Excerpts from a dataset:
=== Begin Enclosure ===

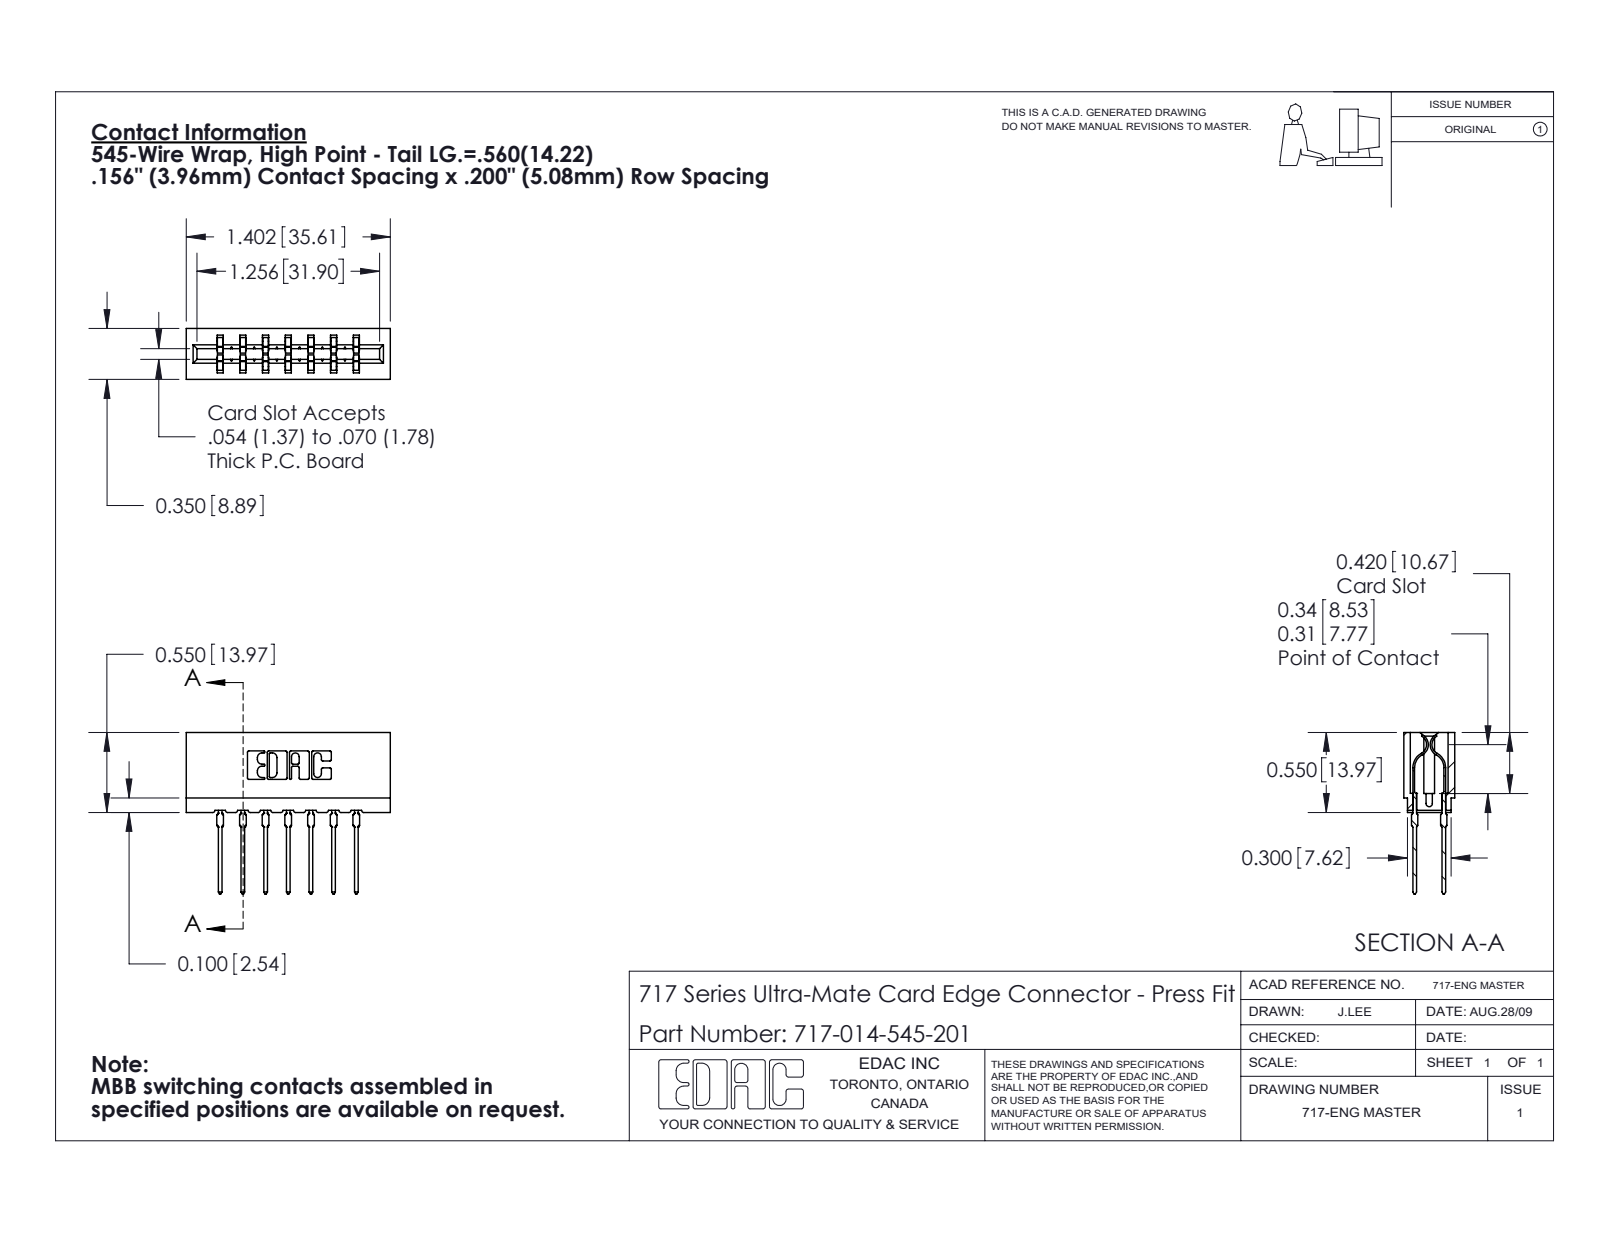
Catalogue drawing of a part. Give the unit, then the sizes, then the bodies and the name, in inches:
Units: inches
Overall size (bounding box): 1.402 × 1.109 × 0.35
Partial cylindrical surfaces — rounded edges, fillets, slot ends (radius × count): R0.021 ×28, R0.01 ×22, R0.015 ×14, R0.005 ×8, R0.011 ×8, R0.007 ×6, R0.031 ×6, R0.026 ×3
Main face-to-face distances: 0.212, 0.156, 0.138, 0.35, 0.198, 0.312, 0.468, 0.624, 0.063, 0.287
Volume: 0.2 in³ · Surface area: 7.416 in²
Bodies: 15 solids, 1354 faces (705 planar, 285 cylindrical, 364 other)
Part name (STEP PRODUCT): 717 Part_Insulator Option - 06; 717-014-545-201; 745-292-001_545
STEP written by: SolidWorks 2020 (CONFIG_CONTROL_DESIGN)
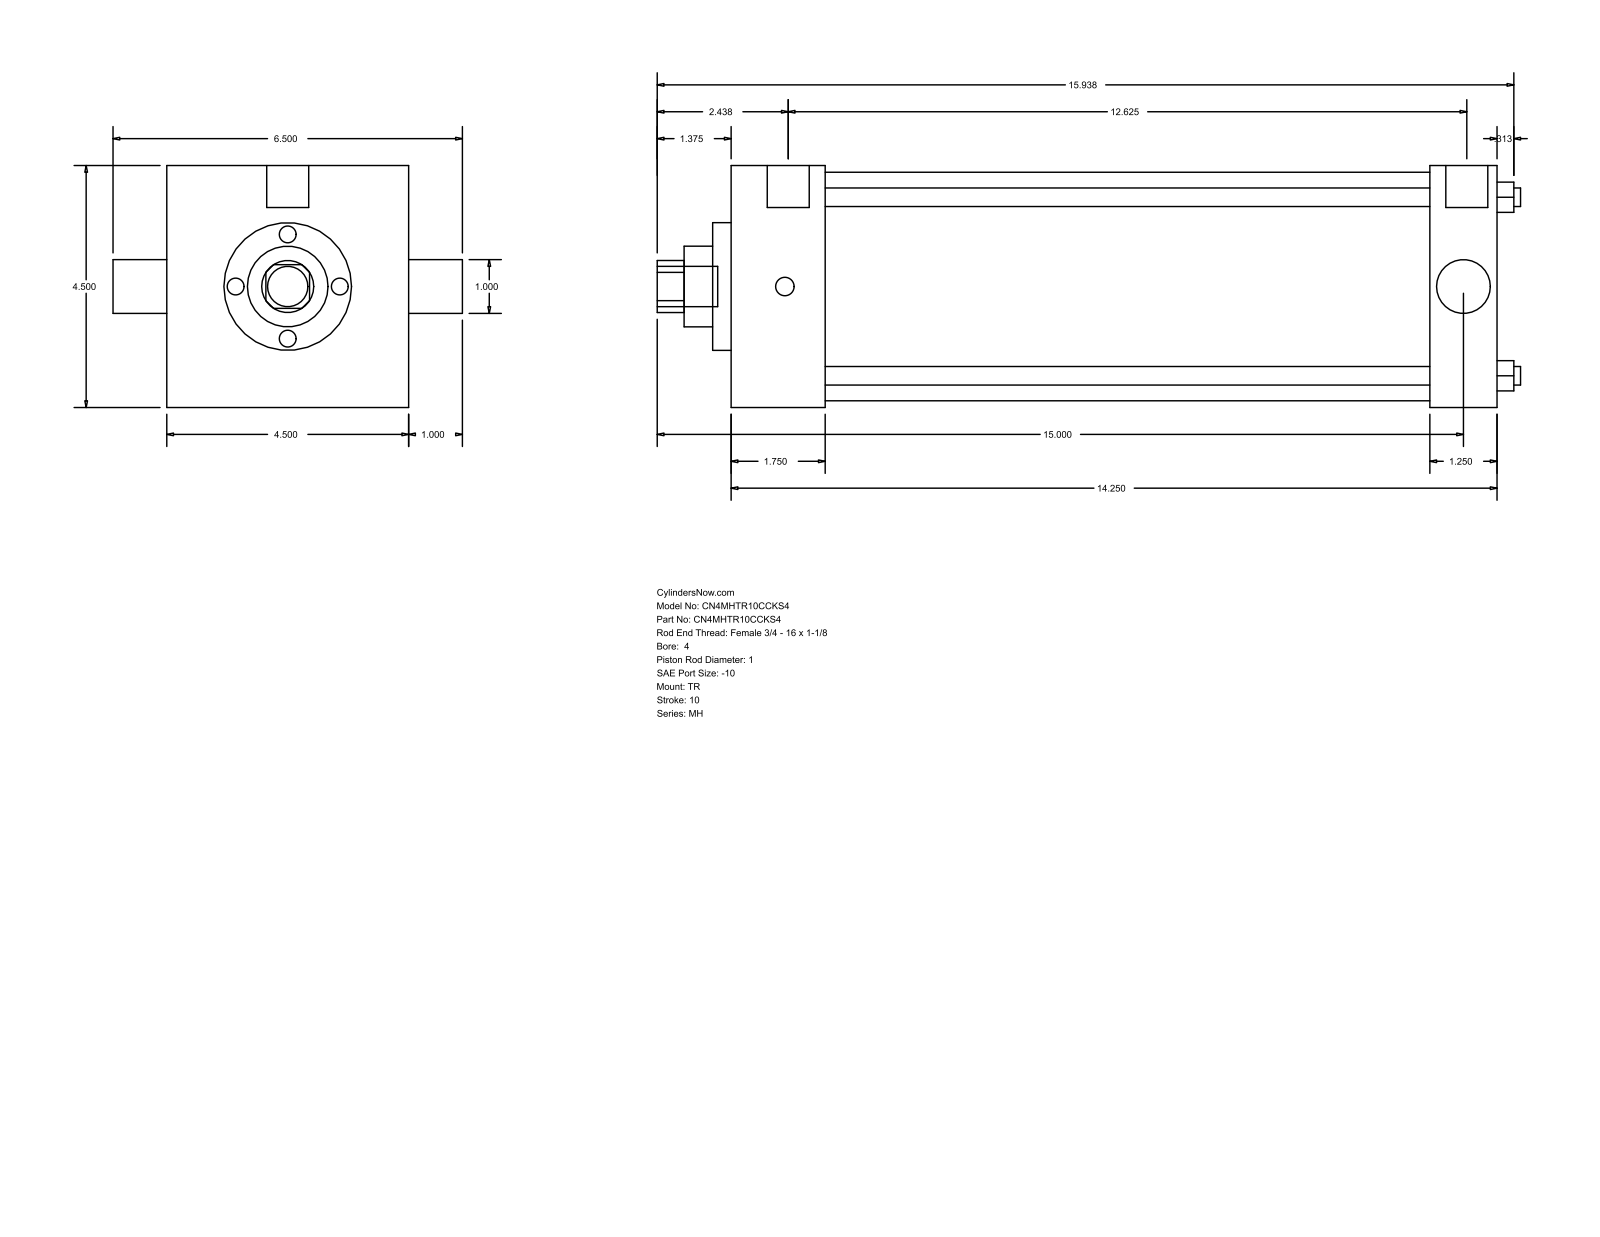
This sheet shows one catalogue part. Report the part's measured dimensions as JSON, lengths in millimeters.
{"part_name": "MH_TR__0400_1", "step_written_by": "GSSL Pune (CONFIG_CONTROL_DESIGN)", "units": "millimeters", "bodies": {"solids": 0, "faces": 86, "planar": 61, "cylindrical": 25, "other": 0}, "overall_size": [407.99, 165.1, 114.3], "round_holes": [[8.76, 4], [25.4, 2], [38.1, 1], [60.33, 1], [107.95, 1]], "round_bosses_or_shafts": [[8.73, 3], [19.84, 2], [19.05, 1]], "partial_cylinders_radius": [[12.29, 1]], "face_to_face_distances": [114.3, 361.96, 44.46, 317.5, 330.2, 285.74, 31.76, 8.73, 53.19, 338.93], "hole_center_spacings": [59.62, 84.32, 119.25]}
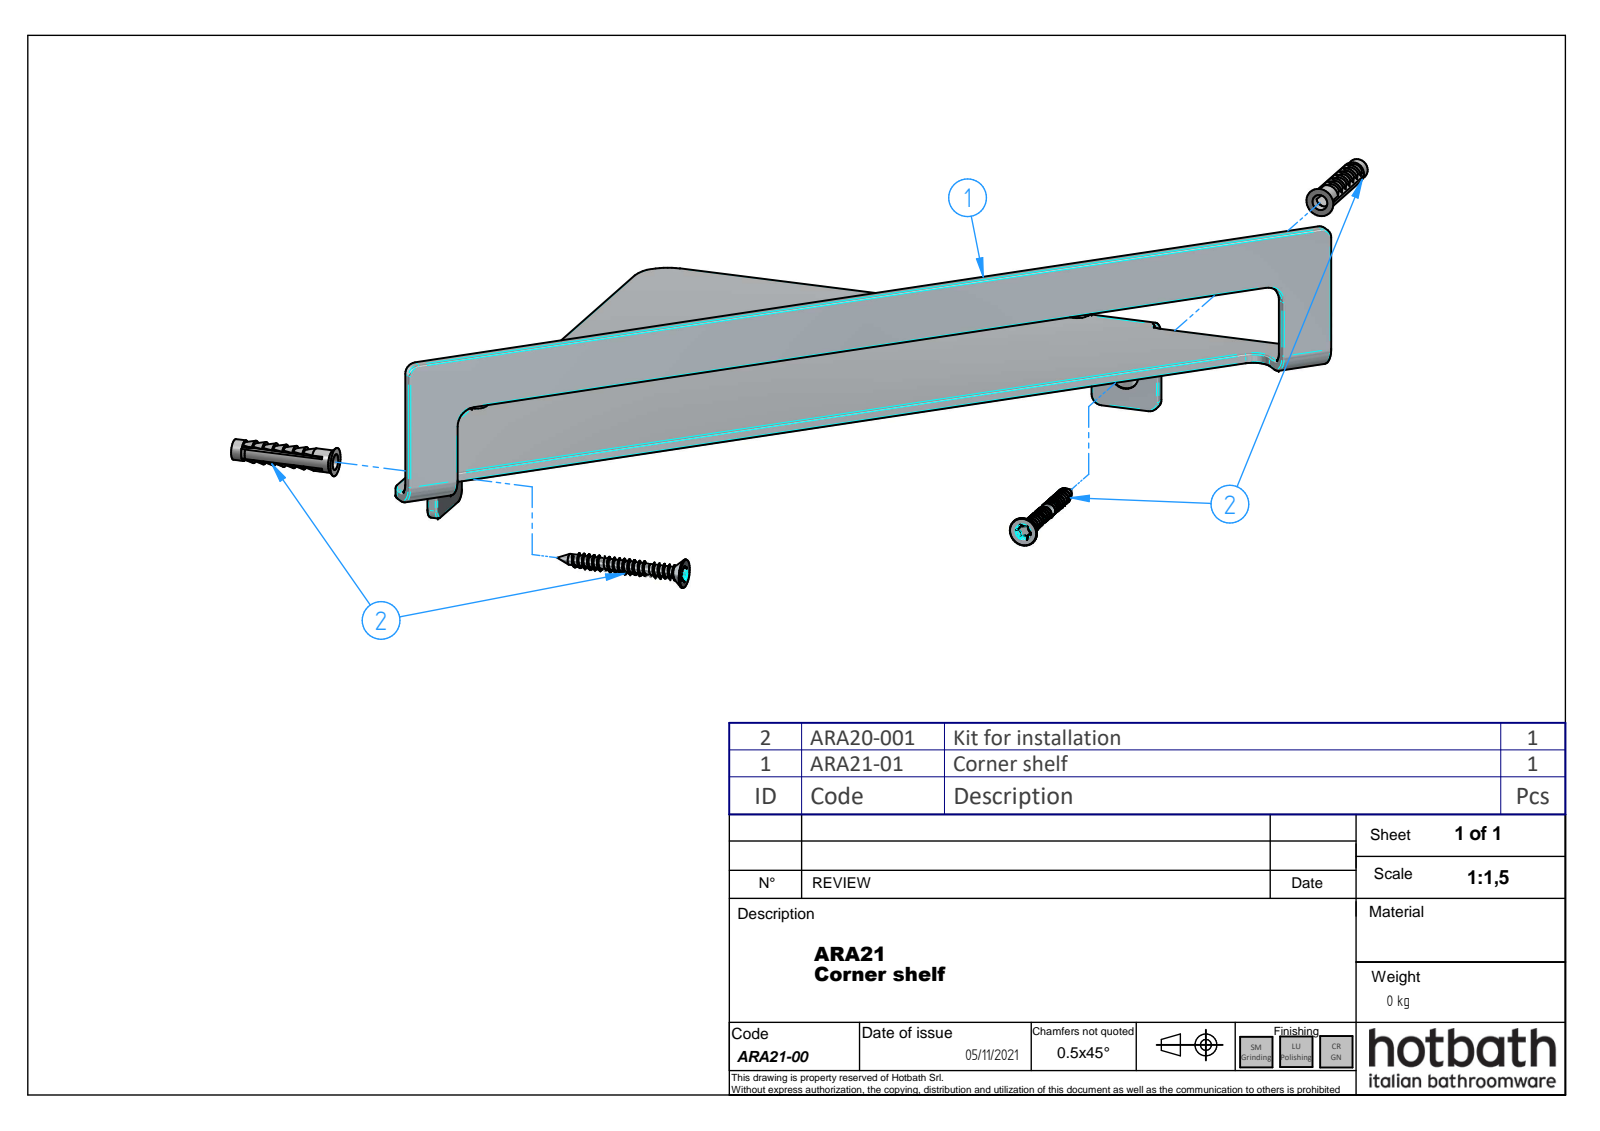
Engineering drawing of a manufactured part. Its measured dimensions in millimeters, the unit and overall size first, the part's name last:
Units: millimetres
Overall size (bounding box): 250.27 × 250.27 × 66.08
Round holes (diameter × count): ⌀5 ×2, ⌀8.2 ×2
Round bosses / shafts (diameter × count): ⌀8 ×2, ⌀3.05 ×2
Partial cylindrical surfaces — rounded edges, fillets, slot ends (radius × count): R0.5 ×38, R0.1 ×24, R3 ×13, R0.3 ×12, R0.8 ×12, R5 ×6, R6 ×3, R2.98 ×2
Main face-to-face distances: 3, 5.85, 8.85, 15, 41.79, 38.79, 14, 11, 26.79, 23.79
Volume: 76 324 mm³ · Surface area: 55 793 mm²
Bodies: 3 solids, 436 faces (55 planar, 167 cylindrical, 214 other)
Part name (STEP PRODUCT): ARA21-00; ARA21-01; ARA20-001_oa_0; C092090 (+1 more)
STEP written by: ST-DEVELOPER v16.7 (AP242_MANAGED_MODEL_BASED_3D_ENGINEERING_MIM_LF)
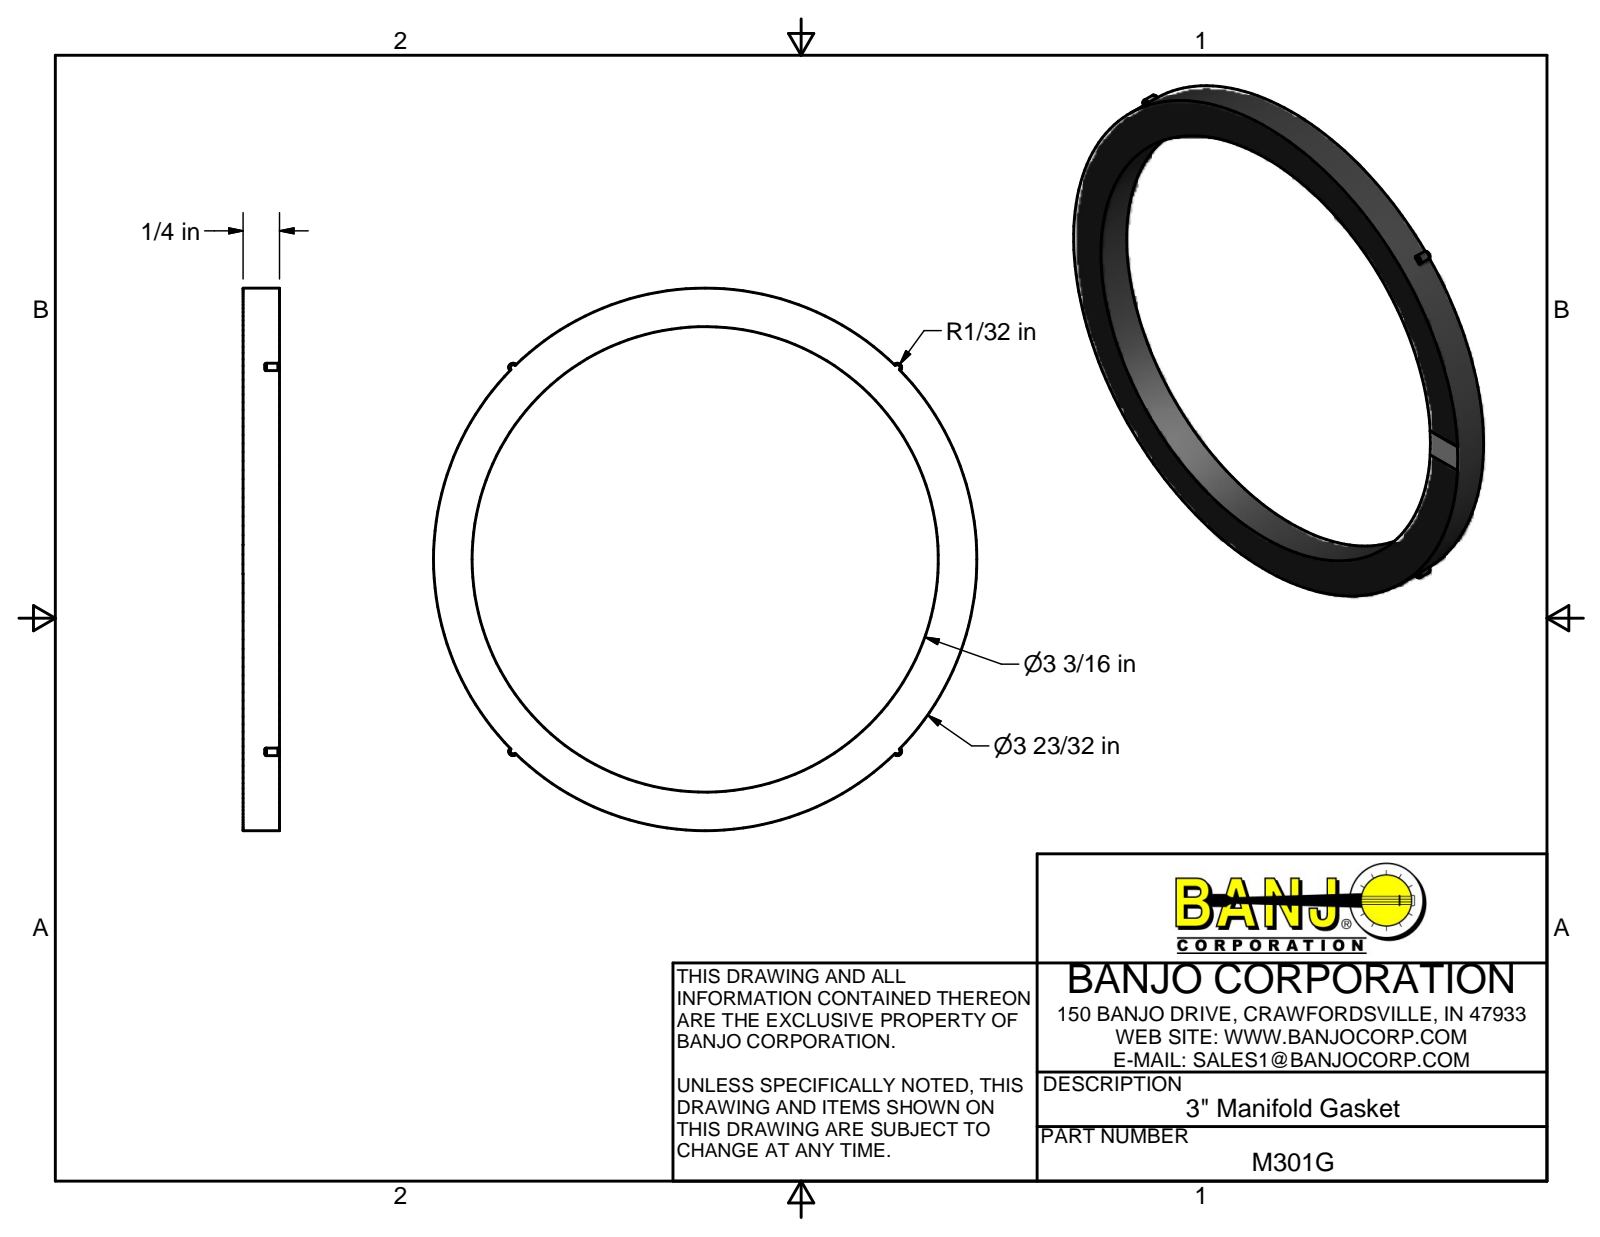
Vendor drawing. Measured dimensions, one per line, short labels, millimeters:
name: M301G
written by: Autodesk Inventor 2011 (AUTOMOTIVE_DESIGN)
unit: mm
bodies: 1 solid, 23 faces (9 planar, 6 cylindrical, 8 other)
size: 94.7 × 94.7 × 6.4
volume: 11 800 mm³; area: 7 252 mm²
holes: 1× ⌀81.3
bosses: 1× ⌀94.7
rounds: 4× R0.8
face distances: 6.4, 6.4, 3.8, 3.8, 2.5, 5.1

=== End Enclosure ===

Problem details:
Leave the pictures out and print every record exactly.

Result:
Catalogue drawing of a part. Give the unit, then the sizes, then the bodies and the name, in inches:
Units: inches
Overall size (bounding box): 1.402 × 1.109 × 0.35
Partial cylindrical surfaces — rounded edges, fillets, slot ends (radius × count): R0.021 ×28, R0.01 ×22, R0.015 ×14, R0.005 ×8, R0.011 ×8, R0.007 ×6, R0.031 ×6, R0.026 ×3
Main face-to-face distances: 0.212, 0.156, 0.138, 0.35, 0.198, 0.312, 0.468, 0.624, 0.063, 0.287
Volume: 0.2 in³ · Surface area: 7.416 in²
Bodies: 15 solids, 1354 faces (705 planar, 285 cylindrical, 364 other)
Part name (STEP PRODUCT): 717 Part_Insulator Option - 06; 717-014-545-201; 745-292-001_545
STEP written by: SolidWorks 2020 (CONFIG_CONTROL_DESIGN)
This sheet shows one catalogue part. Report the part's measured dimensions as JSON, lengths in millimeters.
{"part_name": "MH_TR__0400_1", "step_written_by": "GSSL Pune (CONFIG_CONTROL_DESIGN)", "units": "millimeters", "bodies": {"solids": 0, "faces": 86, "planar": 61, "cylindrical": 25, "other": 0}, "overall_size": [407.99, 165.1, 114.3], "round_holes": [[8.76, 4], [25.4, 2], [38.1, 1], [60.33, 1], [107.95, 1]], "round_bosses_or_shafts": [[8.73, 3], [19.84, 2], [19.05, 1]], "partial_cylinders_radius": [[12.29, 1]], "face_to_face_distances": [114.3, 361.96, 44.46, 317.5, 330.2, 285.74, 31.76, 8.73, 53.19, 338.93], "hole_center_spacings": [59.62, 84.32, 119.25]}
Engineering drawing of a manufactured part. Its measured dimensions in millimeters, the unit and overall size first, the part's name last:
Units: millimetres
Overall size (bounding box): 250.27 × 250.27 × 66.08
Round holes (diameter × count): ⌀5 ×2, ⌀8.2 ×2
Round bosses / shafts (diameter × count): ⌀8 ×2, ⌀3.05 ×2
Partial cylindrical surfaces — rounded edges, fillets, slot ends (radius × count): R0.5 ×38, R0.1 ×24, R3 ×13, R0.3 ×12, R0.8 ×12, R5 ×6, R6 ×3, R2.98 ×2
Main face-to-face distances: 3, 5.85, 8.85, 15, 41.79, 38.79, 14, 11, 26.79, 23.79
Volume: 76 324 mm³ · Surface area: 55 793 mm²
Bodies: 3 solids, 436 faces (55 planar, 167 cylindrical, 214 other)
Part name (STEP PRODUCT): ARA21-00; ARA21-01; ARA20-001_oa_0; C092090 (+1 more)
STEP written by: ST-DEVELOPER v16.7 (AP242_MANAGED_MODEL_BASED_3D_ENGINEERING_MIM_LF)
Vendor drawing. Measured dimensions, one per line, short labels, millimeters:
name: M301G
written by: Autodesk Inventor 2011 (AUTOMOTIVE_DESIGN)
unit: mm
bodies: 1 solid, 23 faces (9 planar, 6 cylindrical, 8 other)
size: 94.7 × 94.7 × 6.4
volume: 11 800 mm³; area: 7 252 mm²
holes: 1× ⌀81.3
bosses: 1× ⌀94.7
rounds: 4× R0.8
face distances: 6.4, 6.4, 3.8, 3.8, 2.5, 5.1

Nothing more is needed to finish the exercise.